In order to extend the framework to multi-physics fluid flows, we would need to perform the following steps: (1) implement a multi-phase full-physics model as part of the DPFEHM framework, (2) use more sophisticated ML model to be able to capture the complexity coming from the physics model and increase the number of parameters and the depth of the network, (3) use CPU and GPU parallelization paradigms to improve the performance and ensure the feasibility of the problem. We plan to pursue this problem in the future.

Conclusions

We applied a PIML framework to a subsurface pressure management problem that considers the pressure change during injection/extraction. We considered a single-phase steady-state fluid flow with heterogeneity that looks at the long-term impact of the injection/extraction on the reservoir. In our PIML framework, a convolutional NNM is trained to determine fluid extraction rates at a dedicated critical reservoir location during the injection. We performed a hyperparameter search, which showed that decreasing the learning rate while increasing the batch size improves the results. In conclusion, we would emphasize the following observations:

  • A PIML framework can train a convolutional NNM to manage reservoir pressures with heterogeneous permeability fields resulting in small deviations from the target overpressure. We accomplished this by combining a differentiable full-physics simulator with a convolutional neural network.

  • This problem is only feasible because of the DPFEHM framework, which has a built-in AD. To solve the physics model, we use the DPFEHM framework as part of the PIML framework.

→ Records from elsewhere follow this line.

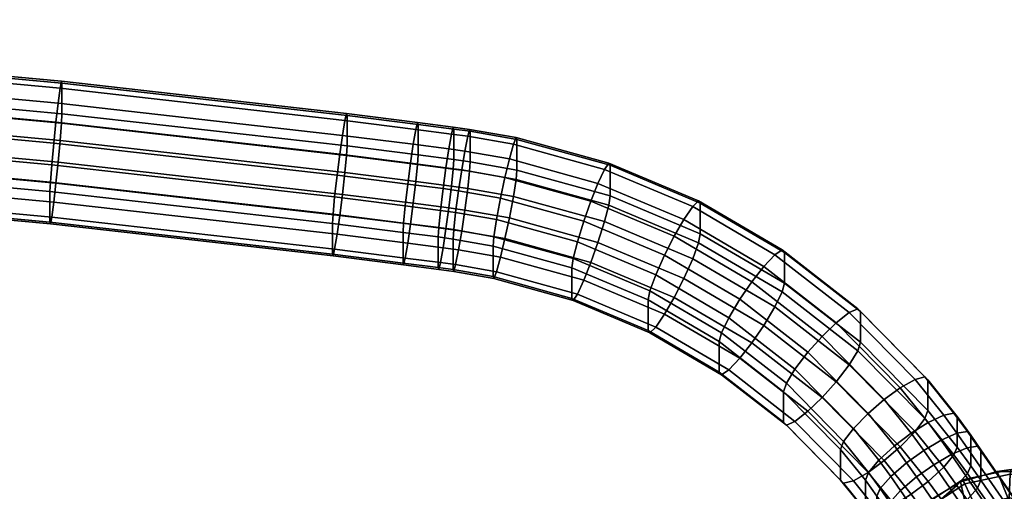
# Model space of a CAD drawing. Header units: millimetres. Extents: x -265 to 265, y -265 to 327.
# Tile 277 of 281: x 123 to 210, y 284 to 326. Entities that reach past the tile are written whole.
import ezdxf

# ---------------------------------------------------------------- set-up
doc = ezdxf.new("R2010")
doc.units = ezdxf.units.MM
doc.header["$MEASUREMENT"] = 0
doc.layers.add('ram', color=7, linetype='Continuous')

msp = doc.modelspace()

# ---------------------------------------------------------------- meshes
at = {"layer": 'ram'}
mesh = msp.add_polyface(dxfattribs=at)
corners = [(75.876, 323.906, 796.483), (50.604, 325.202, 796.119), (50.531, 323.872, 797.649), (75.768, 322.578, 798.012), (75.947, 324.518, 794.551), (50.65, 325.815, 794.187), (75.969, 324.358, 792.684), (50.665, 325.656, 792.32), (75.969, 321.656, 783.056), (50.665, 322.954, 782.692), (75.947, 320.822, 781.379), (50.65, 322.119, 781.015), (75.876, 319.294, 780.047), (50.604, 320.59, 779.683), (75.768, 317.365, 779.432), (50.531, 318.659, 779.069), (100.389, 312.949, 795.885), (75.331, 314.75, 795.38), (75.331, 312.048, 785.752), (100.389, 310.248, 786.257), (100.418, 313.783, 797.563), (75.354, 315.584, 797.058), (100.513, 315.31, 798.895), (75.424, 317.112, 798.389), (100.656, 317.236, 799.511), (75.532, 319.041, 799.004), (100.812, 319.097, 799.354), (75.65, 320.905, 798.846), (100.97, 320.768, 798.52), (101.113, 322.093, 796.992), (101.208, 322.703, 795.06), (101.238, 322.543, 793.194), (101.238, 319.841, 783.565), (101.208, 319.007, 781.888), (101.113, 317.481, 780.556), (100.97, 315.554, 779.94), (100.812, 313.693, 780.097), (75.65, 315.501, 779.59), (100.656, 312.023, 780.931), (75.532, 313.828, 780.424), (100.513, 310.698, 782.459), (75.424, 312.5, 781.953), (100.418, 310.087, 784.391), (75.354, 311.888, 783.885), (125.398, 310.636, 796.534), (125.398, 307.935, 786.906), (125.436, 311.469, 798.212), (125.554, 312.993, 799.545), (125.733, 314.917, 800.162), (125.928, 316.774, 800.005), (126.123, 318.441, 799.173), (126.303, 319.763, 797.646), (126.421, 320.371, 795.714), (126.458, 320.21, 793.848), (126.458, 317.508, 784.22), (126.421, 316.675, 782.542), (126.303, 315.151, 781.209), (126.123, 313.228, 780.593), (125.928, 311.371, 780.749), (125.733, 309.703, 781.581), (125.554, 308.381, 783.109), (125.436, 307.773, 785.04), (150.346, 307.812, 797.327), (150.346, 305.11, 787.699), (150.391, 308.644, 799.005), (150.533, 310.165, 800.339), (150.391, 304.948, 785.833)]
mesh.append_faces([[corners[k] for k in face] for face in [(0, 1, 2, 3), (4, 5, 1, 0), (6, 7, 5, 4), (8, 9, 7, 6), (10, 11, 9, 8), (12, 13, 11, 10), (14, 15, 13, 12), (16, 17, 18, 19), (20, 21, 17, 16), (22, 23, 21, 20), (24, 25, 23, 22), (26, 27, 25, 24), (28, 3, 27, 26), (29, 0, 3, 28), (30, 4, 0, 29), (31, 6, 4, 30), (32, 8, 6, 31), (33, 10, 8, 32), (34, 12, 10, 33), (35, 14, 12, 34), (36, 37, 14, 35), (38, 39, 37, 36), (40, 41, 39, 38), (42, 43, 41, 40), (19, 18, 43, 42), (44, 16, 19, 45), (46, 20, 16, 44), (47, 22, 20, 46), (48, 24, 22, 47), (49, 26, 24, 48), (50, 28, 26, 49), (51, 29, 28, 50), (52, 30, 29, 51), (53, 31, 30, 52), (54, 32, 31, 53), (55, 33, 32, 54), (56, 34, 33, 55), (57, 35, 34, 56), (58, 36, 35, 57), (59, 38, 36, 58), (60, 40, 38, 59), (61, 42, 40, 60), (45, 19, 42, 61), (62, 44, 45, 63), (64, 46, 44, 62), (65, 47, 46, 64), (63, 45, 61, 66)]])
mesh = msp.add_polyface(dxfattribs=at)
corners = [(150.751, 312.084, 800.956), (125.733, 314.917, 800.162), (125.554, 312.993, 799.545), (150.533, 310.165, 800.339), (150.986, 313.937, 800.801), (125.928, 316.774, 800.005), (151.223, 315.599, 799.97), (126.123, 318.441, 799.173), (151.439, 316.917, 798.444), (126.303, 319.763, 797.646), (151.582, 317.522, 796.514), (126.421, 320.371, 795.714), (151.627, 317.36, 794.648), (126.458, 320.21, 793.848), (151.627, 314.659, 785.019), (126.458, 317.508, 784.22), (151.582, 313.826, 783.342), (126.421, 316.675, 782.542), (151.439, 312.305, 782.008), (126.303, 315.151, 781.209), (151.223, 310.386, 781.39), (126.123, 313.228, 780.593), (150.986, 308.533, 781.545), (125.928, 311.371, 780.749), (150.751, 306.871, 782.376), (125.733, 309.703, 781.581), (150.533, 305.553, 783.902), (125.554, 308.381, 783.109), (150.391, 304.948, 785.833), (125.436, 307.773, 785.04), (156.578, 307.025, 797.548), (150.346, 307.812, 797.327), (150.346, 305.11, 787.699), (156.578, 304.323, 787.92), (156.625, 307.857, 799.226), (150.391, 308.644, 799.005), (156.771, 309.378, 800.56), (156.995, 311.296, 801.178), (157.237, 313.148, 801.023), (157.479, 314.81, 800.192), (157.703, 316.127, 798.666), (157.85, 316.731, 796.736), (157.896, 316.569, 794.87), (157.896, 313.867, 785.241), (157.85, 313.035, 783.563), (157.703, 311.515, 782.23), (157.479, 309.596, 781.612), (157.237, 307.744, 781.766), (156.995, 306.083, 782.597), (156.771, 304.766, 784.123), (156.625, 304.161, 786.054), (159.671, 306.623, 797.661), (159.671, 303.921, 788.032), (159.72, 307.455, 799.339), (159.873, 308.974, 800.673), (160.106, 310.891, 801.291), (160.36, 312.741, 801.137), (160.614, 314.402, 800.306), (160.848, 315.718, 798.781), (161.002, 316.321, 796.851), (160.848, 311.105, 782.344), (161.002, 312.625, 783.679), (160.614, 309.188, 781.726), (160.36, 307.338, 781.881), (160.106, 305.678, 782.711), (159.873, 304.362, 784.237), (159.72, 303.759, 786.166)]
mesh.append_faces([[corners[k] for k in face] for face in [(0, 1, 2, 3), (4, 5, 1, 0), (6, 7, 5, 4), (8, 9, 7, 6), (10, 11, 9, 8), (12, 13, 11, 10), (14, 15, 13, 12), (16, 17, 15, 14), (18, 19, 17, 16), (20, 21, 19, 18), (22, 23, 21, 20), (24, 25, 23, 22), (26, 27, 25, 24), (28, 29, 27, 26), (30, 31, 32, 33), (34, 35, 31, 30), (36, 3, 35, 34), (37, 0, 3, 36), (38, 4, 0, 37), (39, 6, 4, 38), (40, 8, 6, 39), (41, 10, 8, 40), (42, 12, 10, 41), (43, 14, 12, 42), (44, 16, 14, 43), (45, 18, 16, 44), (46, 20, 18, 45), (47, 22, 20, 46), (48, 24, 22, 47), (49, 26, 24, 48), (50, 28, 26, 49), (33, 32, 28, 50), (51, 30, 33, 52), (53, 34, 30, 51), (54, 36, 34, 53), (55, 37, 36, 54), (56, 38, 37, 55), (57, 39, 38, 56), (58, 40, 39, 57), (59, 41, 40, 58), (60, 45, 44, 61), (62, 46, 45, 60), (63, 47, 46, 62), (64, 48, 47, 63), (65, 49, 48, 64), (66, 50, 49, 65), (52, 33, 50, 66)]])
mesh = msp.add_polyface(dxfattribs=at)
corners = [(161.051, 316.159, 794.985), (157.896, 316.569, 794.87), (157.85, 316.731, 796.736), (161.002, 316.321, 796.851), (161.051, 313.457, 785.357), (157.896, 313.867, 785.241), (161.002, 312.625, 783.679), (157.85, 313.035, 783.563), (160.992, 306.443, 797.711), (159.671, 306.623, 797.661), (159.671, 303.921, 788.032), (160.992, 303.742, 788.083), (161.045, 307.275, 799.389), (159.72, 307.455, 799.339), (161.214, 308.792, 800.724), (159.873, 308.974, 800.673), (161.471, 310.707, 801.343), (160.106, 310.891, 801.291), (161.748, 312.553, 801.19), (160.36, 312.741, 801.137), (162.027, 314.21, 800.36), (160.614, 314.402, 800.306), (162.283, 315.522, 798.835), (160.848, 315.718, 798.781), (162.452, 316.124, 796.906), (162.506, 315.961, 795.04), (162.506, 313.26, 785.412), (162.452, 312.428, 783.734), (162.283, 310.911, 782.399), (160.848, 311.105, 782.344), (162.027, 308.997, 781.78), (160.614, 309.188, 781.726), (161.748, 307.15, 781.933), (160.36, 307.338, 781.881), (161.471, 305.493, 782.763), (160.106, 305.678, 782.711), (161.214, 304.181, 784.287), (159.873, 304.362, 784.237), (161.045, 303.579, 786.217), (159.72, 303.759, 786.166), (164.514, 305.823, 797.885), (164.514, 303.121, 788.257), (164.588, 306.65, 799.564), (164.823, 308.156, 800.902), (165.182, 310.052, 801.527), (165.57, 311.879, 801.379), (165.96, 313.515, 800.555), (166.318, 314.81, 799.035), (166.554, 315.4, 797.109), (166.628, 315.233, 795.245), (166.628, 312.531, 785.616), (166.554, 311.704, 783.937), (166.318, 310.198, 782.599), (165.96, 308.302, 781.975), (165.57, 306.475, 782.123), (165.182, 304.838, 782.947), (164.823, 303.544, 784.466), (164.588, 302.954, 786.392), (171.463, 303.901, 798.424), (171.463, 301.199, 788.796), (171.582, 304.717, 800.107), (171.959, 306.183, 801.456), (172.533, 308.019, 802.097), (173.157, 309.781, 801.967), (171.959, 301.571, 785.02), (172.533, 302.806, 783.517), (171.582, 301.02, 786.935)]
mesh.append_faces([[corners[k] for k in face] for face in [(0, 1, 2, 3), (4, 5, 1, 0), (6, 7, 5, 4), (8, 9, 10, 11), (12, 13, 9, 8), (14, 15, 13, 12), (16, 17, 15, 14), (18, 19, 17, 16), (20, 21, 19, 18), (22, 23, 21, 20), (24, 3, 23, 22), (25, 0, 3, 24), (26, 4, 0, 25), (27, 6, 4, 26), (28, 29, 6, 27), (30, 31, 29, 28), (32, 33, 31, 30), (34, 35, 33, 32), (36, 37, 35, 34), (38, 39, 37, 36), (11, 10, 39, 38), (40, 8, 11, 41), (42, 12, 8, 40), (43, 14, 12, 42), (44, 16, 14, 43), (45, 18, 16, 44), (46, 20, 18, 45), (47, 22, 20, 46), (48, 24, 22, 47), (49, 25, 24, 48), (50, 26, 25, 49), (51, 27, 26, 50), (52, 28, 27, 51), (53, 30, 28, 52), (54, 32, 30, 53), (55, 34, 32, 54), (56, 36, 34, 55), (57, 38, 36, 56), (41, 11, 38, 57), (58, 40, 41, 59), (60, 42, 40, 58), (61, 43, 42, 60), (62, 44, 43, 61), (63, 45, 44, 62), (64, 56, 55, 65), (66, 57, 56, 64), (59, 41, 57, 66)]])
mesh = msp.add_polyface(dxfattribs=at)
corners = [(173.78, 311.354, 801.161), (165.96, 313.515, 800.555), (165.57, 311.879, 801.379), (173.157, 309.781, 801.967), (174.355, 312.589, 799.659), (166.318, 314.81, 799.035), (174.732, 313.139, 797.744), (166.554, 315.4, 797.109), (174.852, 312.96, 795.882), (166.628, 315.233, 795.245), (174.852, 310.258, 786.254), (166.628, 312.531, 785.616), (174.732, 309.443, 784.571), (166.554, 311.704, 783.937), (174.355, 307.977, 783.222), (166.318, 310.198, 782.599), (173.78, 306.14, 782.581), (165.96, 308.302, 781.975), (173.157, 304.378, 782.711), (165.57, 306.475, 782.123), (172.533, 302.806, 783.517), (165.182, 304.838, 782.947), (178.205, 301.06, 799.221), (171.463, 303.901, 798.424), (171.463, 301.199, 788.796), (178.205, 298.358, 789.593), (178.367, 301.857, 800.909), (171.582, 304.717, 800.107), (178.881, 303.266, 802.274), (171.959, 306.183, 801.456), (179.662, 305.015, 802.94), (172.533, 308.019, 802.097), (180.511, 306.683, 802.837), (181.359, 308.16, 802.058), (182.141, 309.307, 800.579), (182.654, 309.801, 798.68), (182.816, 309.604, 796.824), (182.816, 306.902, 787.196), (182.654, 306.105, 785.508), (182.141, 304.696, 784.143), (181.359, 302.947, 783.477), (180.511, 301.28, 783.581), (179.662, 299.802, 784.36), (178.881, 298.654, 785.838), (171.959, 301.571, 785.02), (178.367, 298.161, 787.737), (171.582, 301.02, 786.935), (184.492, 297.38, 800.254), (184.492, 294.679, 790.626), (184.694, 298.154, 801.948), (185.335, 299.488, 803.334), (186.311, 301.124, 804.032), (187.37, 302.668, 803.963), (188.43, 304.022, 803.219), (189.404, 305.056, 801.772), (190.045, 305.475, 799.894), (190.248, 305.254, 798.045), (190.248, 302.552, 788.416), (190.045, 301.779, 786.722), (189.404, 300.444, 785.336), (188.43, 298.809, 784.638), (187.37, 297.265, 784.707), (186.311, 295.91, 785.452), (185.335, 294.876, 786.898), (184.694, 294.458, 788.776), (190.174, 292.959, 801.494), (190.174, 290.257, 791.866)]
mesh.append_faces([[corners[k] for k in face] for face in [(0, 1, 2, 3), (4, 5, 1, 0), (6, 7, 5, 4), (8, 9, 7, 6), (10, 11, 9, 8), (12, 13, 11, 10), (14, 15, 13, 12), (16, 17, 15, 14), (18, 19, 17, 16), (20, 21, 19, 18), (22, 23, 24, 25), (26, 27, 23, 22), (28, 29, 27, 26), (30, 31, 29, 28), (32, 3, 31, 30), (33, 0, 3, 32), (34, 4, 0, 33), (35, 6, 4, 34), (36, 8, 6, 35), (37, 10, 8, 36), (38, 12, 10, 37), (39, 14, 12, 38), (40, 16, 14, 39), (41, 18, 16, 40), (42, 20, 18, 41), (43, 44, 20, 42), (45, 46, 44, 43), (25, 24, 46, 45), (47, 22, 25, 48), (49, 26, 22, 47), (50, 28, 26, 49), (51, 30, 28, 50), (52, 32, 30, 51), (53, 33, 32, 52), (54, 34, 33, 53), (55, 35, 34, 54), (56, 36, 35, 55), (57, 37, 36, 56), (58, 38, 37, 57), (59, 39, 38, 58), (60, 40, 39, 59), (61, 41, 40, 60), (62, 42, 41, 61), (63, 43, 42, 62), (64, 45, 43, 63), (48, 25, 45, 64), (65, 47, 48, 66)]])
mesh = msp.add_polyface(dxfattribs=at)
corners = [(190.412, 293.705, 803.197), (184.694, 298.154, 801.948), (184.492, 297.38, 800.254), (190.174, 292.959, 801.494), (191.168, 294.949, 804.608), (185.335, 299.488, 803.334), (192.318, 296.448, 805.344), (186.311, 301.124, 804.032), (193.568, 297.844, 805.317), (187.37, 302.668, 803.963), (194.818, 299.05, 804.614), (188.43, 304.022, 803.219), (195.969, 299.947, 803.206), (189.404, 305.056, 801.772), (196.725, 300.277, 801.353), (190.045, 305.475, 799.894), (196.963, 300.027, 799.511), (190.248, 305.254, 798.045), (196.963, 297.326, 789.883), (190.248, 302.552, 788.416), (196.725, 296.581, 788.181), (190.045, 301.779, 786.722), (195.969, 295.336, 786.769), (189.404, 300.444, 785.336), (194.818, 293.837, 786.034), (188.43, 298.809, 784.638), (193.568, 292.441, 786.061), (187.37, 297.265, 784.707), (192.318, 291.235, 786.764), (186.311, 295.91, 785.452), (191.168, 290.338, 788.172), (185.335, 294.876, 786.898), (190.412, 290.009, 790.025), (184.694, 294.458, 788.776), (190.174, 290.257, 791.866), (184.492, 294.679, 790.626), (195.2, 287.849, 802.928), (195.2, 285.147, 793.3), (195.471, 288.562, 804.64), (196.328, 289.704, 806.08), (197.633, 291.047, 806.86), (199.05, 292.272, 806.88), (200.467, 293.309, 806.225), (201.771, 294.05, 804.86), (202.629, 294.276, 803.036), (202.898, 293.995, 801.204), (202.898, 291.293, 791.576), (202.629, 290.581, 789.864), (201.771, 289.438, 788.424), (200.467, 288.095, 787.644), (199.05, 286.869, 787.624), (197.633, 285.833, 788.279), (199.948, 288.168, 807.667), (198.574, 286.911, 806.864), (201.44, 289.3, 807.714), (202.932, 290.243, 807.085), (204.306, 290.898, 805.745), (205.208, 291.068, 803.937), (205.492, 290.769, 802.109), (205.492, 288.067, 792.481), (205.208, 287.372, 790.764), (204.306, 286.286, 789.309), (204.073, 288.673, 807.526), (202.549, 287.774, 808.142), (205.477, 289.287, 806.197), (206.399, 289.43, 804.396), (206.689, 289.123, 802.571), (206.689, 286.421, 792.943), (206.366, 288.008, 806.556), (204.957, 287.402, 807.882)]
mesh.append_faces([[corners[k] for k in face] for face in [(0, 1, 2, 3), (4, 5, 1, 0), (6, 7, 5, 4), (8, 9, 7, 6), (10, 11, 9, 8), (12, 13, 11, 10), (14, 15, 13, 12), (16, 17, 15, 14), (18, 19, 17, 16), (20, 21, 19, 18), (22, 23, 21, 20), (24, 25, 23, 22), (26, 27, 25, 24), (28, 29, 27, 26), (30, 31, 29, 28), (32, 33, 31, 30), (34, 35, 33, 32), (36, 3, 34, 37), (38, 0, 3, 36), (39, 4, 0, 38), (40, 6, 4, 39), (41, 8, 6, 40), (42, 10, 8, 41), (43, 12, 10, 42), (44, 14, 12, 43), (45, 16, 14, 44), (46, 18, 16, 45), (47, 20, 18, 46), (48, 22, 20, 47), (49, 24, 22, 48), (50, 26, 24, 49), (51, 28, 26, 50), (52, 40, 39, 53), (54, 41, 40, 52), (55, 42, 41, 54), (56, 43, 42, 55), (57, 44, 43, 56), (58, 45, 44, 57), (59, 46, 45, 58), (60, 47, 46, 59), (61, 48, 47, 60), (62, 55, 54, 63), (64, 56, 55, 62), (65, 57, 56, 64), (66, 58, 57, 65), (67, 59, 58, 66), (68, 64, 62, 69)]])
mesh = msp.add_polyface(dxfattribs=at)
corners = [(202.76, 282.576, 847.883), (202.316, 282.776, 846.685), (199.885, 279.221, 847.514), (200.486, 279.251, 848.658), (206.163, 284.831, 847.486), (205.955, 285.188, 846.261), (207.055, 282.948, 849.684), (204.496, 281.251, 849.982), (202.965, 283.276, 845.257), (200.75, 280.837, 845.787), (205.801, 285.011, 844.967), (203.165, 277.867, 829.204), (206.827, 280.412, 828.744), (196.328, 285.092, 789.644), (191.168, 290.338, 788.172), (192.318, 291.235, 786.764), (197.633, 285.833, 788.279), (195.471, 284.866, 791.468), (190.412, 290.009, 790.025), (195.2, 285.147, 793.3), (190.174, 290.257, 791.866), (197.388, 285.13, 803.691), (195.2, 287.849, 802.928), (197.388, 282.429, 794.063), (197.672, 285.825, 805.408), (195.471, 288.562, 804.64), (198.574, 286.911, 806.864), (196.328, 289.704, 806.08), (202.932, 285.03, 788.505), (200.467, 288.095, 787.644), (201.771, 289.438, 788.424), (204.306, 286.286, 789.309), (201.44, 283.897, 788.458), (199.05, 286.869, 787.624), (199.948, 282.954, 789.087), (198.574, 282.299, 790.427), (197.672, 282.129, 792.235), (198.409, 283.725, 804.086), (198.409, 281.023, 794.457), (198.699, 284.411, 805.804), (199.622, 285.47, 807.268), (201.025, 286.686, 808.083), (199.948, 288.168, 807.667), (202.549, 287.774, 808.142), (201.44, 289.3, 807.714), (206.399, 285.734, 791.224), (205.208, 287.372, 790.764), (205.492, 288.067, 792.481), (206.689, 286.421, 792.943), (205.477, 284.676, 789.761), (204.073, 283.46, 788.945), (202.549, 282.371, 788.886), (201.025, 281.473, 789.503), (199.622, 280.858, 790.832), (198.699, 280.715, 792.632), (199.269, 282.488, 804.433), (199.269, 279.786, 794.805), (199.561, 283.172, 806.152), (200.486, 284.226, 807.617), (201.896, 285.434, 808.435), (203.426, 286.512, 808.496), (204.957, 287.402, 807.882), (204.073, 288.673, 807.526), (204.957, 282.188, 789.302), (206.366, 283.396, 790.12), (203.426, 281.109, 789.24), (201.896, 280.22, 789.854), (200.486, 279.614, 791.181), (203.787, 279.456, 808.956), (202.86, 278.403, 807.49), (205.197, 280.661, 809.774), (206.729, 281.739, 809.836), (208.261, 282.626, 809.222)]
mesh.append_faces([[corners[k] for k in face] for face in [(0, 1, 2, 3), (4, 5, 1, 0), (6, 4, 0, 7), (1, 8, 9, 9), (8, 1, 5, 10), (2, 1, 9, 9), (11, 8, 10, 12), (11, 9, 8, 8), (13, 14, 15, 16), (17, 18, 14, 13), (19, 20, 18, 17), (21, 22, 19, 23), (24, 25, 22, 21), (26, 27, 25, 24), (28, 29, 30, 31), (32, 33, 29, 28), (34, 16, 33, 32), (35, 13, 16, 34), (36, 17, 13, 35), (23, 19, 17, 36), (37, 21, 23, 38), (39, 24, 21, 37), (40, 26, 24, 39), (41, 42, 26, 40), (43, 44, 42, 41), (45, 46, 47, 48), (49, 31, 46, 45), (50, 28, 31, 49), (51, 32, 28, 50), (52, 34, 32, 51), (53, 35, 34, 52), (54, 36, 35, 53), (38, 23, 36, 54), (55, 37, 38, 56), (57, 39, 37, 55), (58, 40, 39, 57), (59, 41, 40, 58), (60, 43, 41, 59), (61, 62, 43, 60), (63, 50, 49, 64), (65, 51, 50, 63), (66, 52, 51, 65), (67, 53, 52, 66), (68, 58, 57, 69), (70, 59, 58, 68), (71, 60, 59, 70), (72, 61, 60, 71)]])
mesh = msp.add_polyface(dxfattribs=at)
corners = [(210, 276.268, 852.916), (207.038, 279.019, 851.669), (206.125, 277.684, 851.98), (208.404, 279.926, 851.509), (207.055, 282.948, 849.684), (204.496, 281.251, 849.982), (210.177, 285.674, 847.528), (210.248, 286.089, 846.305), (205.955, 285.188, 846.261), (206.163, 284.831, 847.486), (210.074, 283.582, 849.715), (210.018, 280.264, 851.526), (214.19, 284.976, 848.002), (214.54, 285.343, 846.813), (213.093, 283.057, 850.072), (211.63, 279.984, 851.716), (217.593, 282.844, 848.836), (218.18, 283.062, 847.705), (215.652, 281.453, 850.7), (212.996, 279.127, 852.052), (219.867, 279.601, 849.903), (220.61, 279.595, 848.846), (217.362, 279.014, 851.502), (213.91, 277.824, 852.48), (217.963, 276.112, 852.358), (220.665, 275.742, 851.042), (212.346, 285.857, 845.183), (209.019, 285.896, 844.941), (215.504, 284.898, 845.672), (218.228, 283.098, 846.365), (220.286, 280.61, 847.206), (205.801, 285.011, 844.967), (221.506, 277.643, 848.124), (215.151, 280.752, 828.544), (219.172, 278.562, 829.438), (210.847, 281.411, 828.742), (221.931, 274.996, 830.631), (206.827, 280.412, 828.744), (207.292, 288.146, 804.757), (206.399, 289.43, 804.396), (205.477, 289.287, 806.197), (206.366, 288.008, 806.556), (207.584, 287.836, 802.932), (206.689, 289.123, 802.571), (207.584, 285.135, 793.304), (206.689, 286.421, 792.943), (207.292, 284.449, 791.584), (206.399, 285.734, 791.224), (206.366, 283.396, 790.12), (205.477, 284.676, 789.761), (209.671, 283.23, 807.896), (204.957, 287.402, 807.882), (208.261, 282.626, 809.222), (210.598, 283.367, 806.098), (210.89, 283.057, 804.273), (210.89, 280.355, 794.645), (210.598, 279.671, 792.925), (209.671, 278.619, 791.46), (208.261, 277.413, 790.642), (204.957, 282.188, 789.302), (216.28, 273.685, 810.575), (214.869, 273.081, 811.901), (217.206, 273.822, 808.776), (217.498, 273.512, 806.951)]
mesh.append_faces([[corners[k] for k in face] for face in [(0, 1, 2, 2), (3, 4, 5, 1), (0, 3, 1, 1), (6, 7, 8, 9), (10, 6, 9, 4), (11, 10, 4, 3), (0, 11, 3, 3), (12, 13, 7, 6), (14, 12, 6, 10), (15, 14, 10, 11), (0, 15, 11, 11), (16, 17, 13, 12), (18, 16, 12, 14), (19, 18, 14, 15), (0, 19, 15, 15), (20, 21, 17, 16), (22, 20, 16, 18), (23, 22, 18, 19), (0, 23, 19, 19), (24, 25, 20, 22), (7, 26, 27, 27), (28, 13, 17, 29), (29, 17, 21, 30), (13, 28, 26, 26), (31, 8, 7, 27), (26, 7, 13, 13), (21, 32, 30, 30), (33, 28, 29, 34), (26, 33, 35, 35), (34, 29, 30, 36), (28, 33, 26, 26), (37, 31, 27, 35), (26, 35, 27, 27), (38, 39, 40, 41), (42, 43, 39, 38), (44, 45, 43, 42), (46, 47, 45, 44), (48, 49, 47, 46), (50, 41, 51, 52), (53, 38, 41, 50), (54, 42, 38, 53), (55, 44, 42, 54), (56, 46, 44, 55), (57, 48, 46, 56), (58, 59, 48, 57), (60, 50, 52, 61), (62, 53, 50, 60), (63, 54, 53, 62)]])

doc.saveas('drawing.dxf')

  • DPFEHM allows us to bridge the gap between numerical models and machine learning techniques because both are compatible with the same AD frameworks

  • The hyperparameter search shows that decreasing the learning rate and increasing the batch size is beneficial for bringing down the RMSE of the ML training. Our results can be potentially improved by further decreasing the learning rate.

  • We tested a hybrid implementation of the PIML framework using a deeper convolutional neural network (VGG Net). In that case, the physics model is solved on a CPU, while the machine learning model is solved on a GPU. The results showed no improvement in the ML training, concluding that the relatively simple LeNet network suffices for this problem.

  • We also batch-parallelized the combined NNM and physics model using Julia’s parallel map operation (pmap). However, for the single-phase steady-state flow problem with heterogeneity, the added communication costs outweigh the benefits of parallelization. This is because the physical model, in this case, is relatively inexpensive. We anticipate that for more complex physics models, such as introducing a multi-phase flow, will benefit from such parallelization.

  • A natural next step in this line of research is to study this problem in the context of multi-phase flows, which are essential for CO\(_2\) sequestration, among other applications.